Along with the opportunities that connectivity offers, there are several challenges as well. Through continued exploration, the oil industry, for example, is getting further and further afield. “Oil rigs can generate terabytes of data a day, but they’re sitting out in the Gulf of Mexico,” Jouret says.

The kinds of connections they’re faced with are 64 kbps satellite feeds. “It’s a really interesting challenge,” Jouret says. “The control system has to move where the information is.” Instead of sending and receiving information from the cloud, which is the direction so much data is going these days, oil rigs are keeping information at the “edge.”

In mining, they want connectivity all the way down the mine, but they have to make sure they don’t generate sparks. So in this case, the technology of choice has been fiber. “Photonics are better than electronics” for this application, Jouret notes.

Connected devices aren’t just for monitoring production efficiencies and automating the factory floor; they can be applied to products like engines or turbines or solar panels to monitor for efficiencies. GE, for example, puts up to 60 sensors on its jet engines. “They want to be able to monitor performance in flight so they can tune the engines for maximum efficiency,” Jouret says.

A notion built around making connected products is leading to what Jouret refers to as “servitization,” turning connected products into ongoing service contracts. A manufacturer could continuously monitor a product to check its health, charging by the mile, by usage, or by any number of models. “There are also knock-on effects in terms of leasing,” Jouret says. “They can know exactly what the wear and tear is on the device, giving them pretty interesting insights.”

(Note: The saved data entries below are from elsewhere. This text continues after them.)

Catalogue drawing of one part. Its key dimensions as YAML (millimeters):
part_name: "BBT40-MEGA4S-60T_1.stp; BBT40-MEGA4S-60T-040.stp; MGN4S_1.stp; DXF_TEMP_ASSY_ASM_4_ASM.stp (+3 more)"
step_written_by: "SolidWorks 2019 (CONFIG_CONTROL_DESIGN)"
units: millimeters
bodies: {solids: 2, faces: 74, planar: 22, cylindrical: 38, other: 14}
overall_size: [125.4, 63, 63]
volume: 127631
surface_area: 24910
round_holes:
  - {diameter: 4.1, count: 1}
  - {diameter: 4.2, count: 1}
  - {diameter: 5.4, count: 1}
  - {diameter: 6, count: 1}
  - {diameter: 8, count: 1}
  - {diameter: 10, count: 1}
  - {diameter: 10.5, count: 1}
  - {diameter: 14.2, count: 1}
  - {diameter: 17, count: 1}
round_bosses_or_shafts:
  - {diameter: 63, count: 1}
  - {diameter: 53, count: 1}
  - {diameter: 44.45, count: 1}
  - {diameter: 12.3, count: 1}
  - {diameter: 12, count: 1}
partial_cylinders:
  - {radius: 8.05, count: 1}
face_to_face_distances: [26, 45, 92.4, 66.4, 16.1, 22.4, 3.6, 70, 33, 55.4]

Detroit automakers expect to connect many of the cars they make within the next two to three years, he says. Rather than rely on time or mileage models to know when tires or oil need to be changed, for example, sensors can know exactly what the wear and tear has been.

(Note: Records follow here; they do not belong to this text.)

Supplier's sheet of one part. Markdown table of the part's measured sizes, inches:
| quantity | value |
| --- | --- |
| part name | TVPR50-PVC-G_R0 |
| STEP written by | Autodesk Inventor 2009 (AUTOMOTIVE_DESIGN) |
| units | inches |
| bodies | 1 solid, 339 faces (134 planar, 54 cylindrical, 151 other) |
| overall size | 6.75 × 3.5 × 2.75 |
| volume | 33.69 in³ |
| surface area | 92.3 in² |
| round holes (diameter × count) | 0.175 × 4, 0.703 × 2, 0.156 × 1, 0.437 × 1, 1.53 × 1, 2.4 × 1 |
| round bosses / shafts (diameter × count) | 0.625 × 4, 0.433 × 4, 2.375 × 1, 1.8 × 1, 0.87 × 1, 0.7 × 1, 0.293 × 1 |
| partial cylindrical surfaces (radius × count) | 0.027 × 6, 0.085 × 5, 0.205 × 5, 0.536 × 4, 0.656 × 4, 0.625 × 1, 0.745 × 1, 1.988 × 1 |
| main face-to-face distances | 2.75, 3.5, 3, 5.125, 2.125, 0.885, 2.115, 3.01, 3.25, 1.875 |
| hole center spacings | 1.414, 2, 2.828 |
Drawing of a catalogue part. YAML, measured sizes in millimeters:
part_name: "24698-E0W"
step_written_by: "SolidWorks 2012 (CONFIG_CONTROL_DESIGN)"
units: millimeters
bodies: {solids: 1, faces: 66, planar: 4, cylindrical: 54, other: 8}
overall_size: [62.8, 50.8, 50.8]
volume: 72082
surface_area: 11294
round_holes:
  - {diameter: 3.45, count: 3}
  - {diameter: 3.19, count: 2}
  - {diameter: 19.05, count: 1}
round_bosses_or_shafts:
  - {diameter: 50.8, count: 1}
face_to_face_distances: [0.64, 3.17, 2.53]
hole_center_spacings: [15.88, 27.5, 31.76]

Another motivation behind IoT is for regulatory compliance, Jouret says. Utilities face state and federal mandates about smart metering in order to be ready for increased use of solar, wind and other renewable energies. “When you reach 30 percent renewables on the grid, it gets very unstable,” Jouret says, explaining that the grid is not designed for such oscillations, and will require circuits to open and close quickly, and will also call for increased sampling rates. “We want more renewables, but we have to make sure the grid is still as reliable as we expect it to be,” he adds.

Cisco’s IoT initiative will be led by Maciej Kranz, vice president of the Corporate Technology Group.

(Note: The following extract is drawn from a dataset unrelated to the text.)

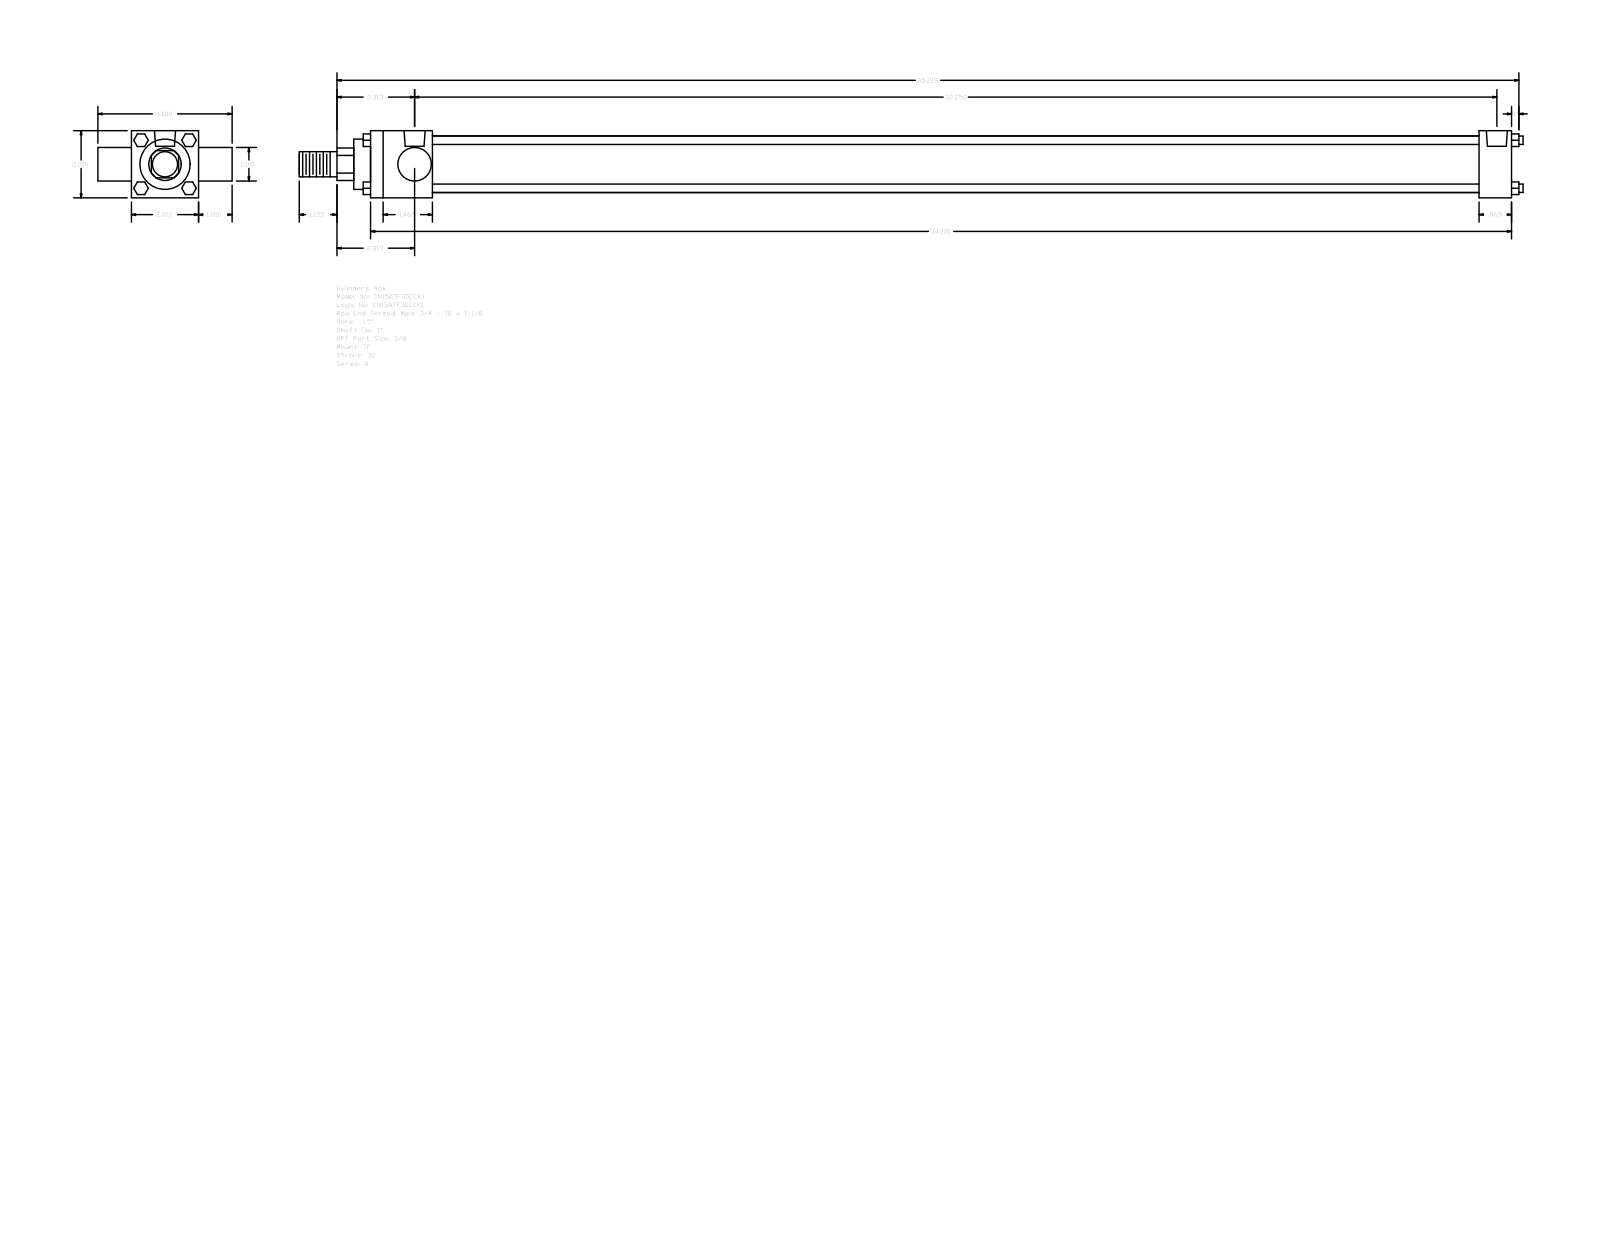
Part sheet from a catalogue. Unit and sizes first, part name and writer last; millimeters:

The Internet of Things Group consolidates Cisco’s Connected Industries, Connected Energy and Physical Security businesses. It will focus on work across several vertical markets, including discrete manufacturing, oil and gas, mining, defense, transportation, smart cities, sports and entertainment, energy, and machine-to-machine operations for service providers.

The cross-platform group is headed by Rob Soderbery, senior vice president and general manager of Cisco’s Enterprise Networks business, and Wim Elfrink, chief globalization officer and executive vice president of Industry Solutions.

“Using the intelligence of the network as a way to connect what was previously unconnected opens up tremendous business and services opportunities that create new experience and drive economic, social and environmental sustainability,” Elfrink says.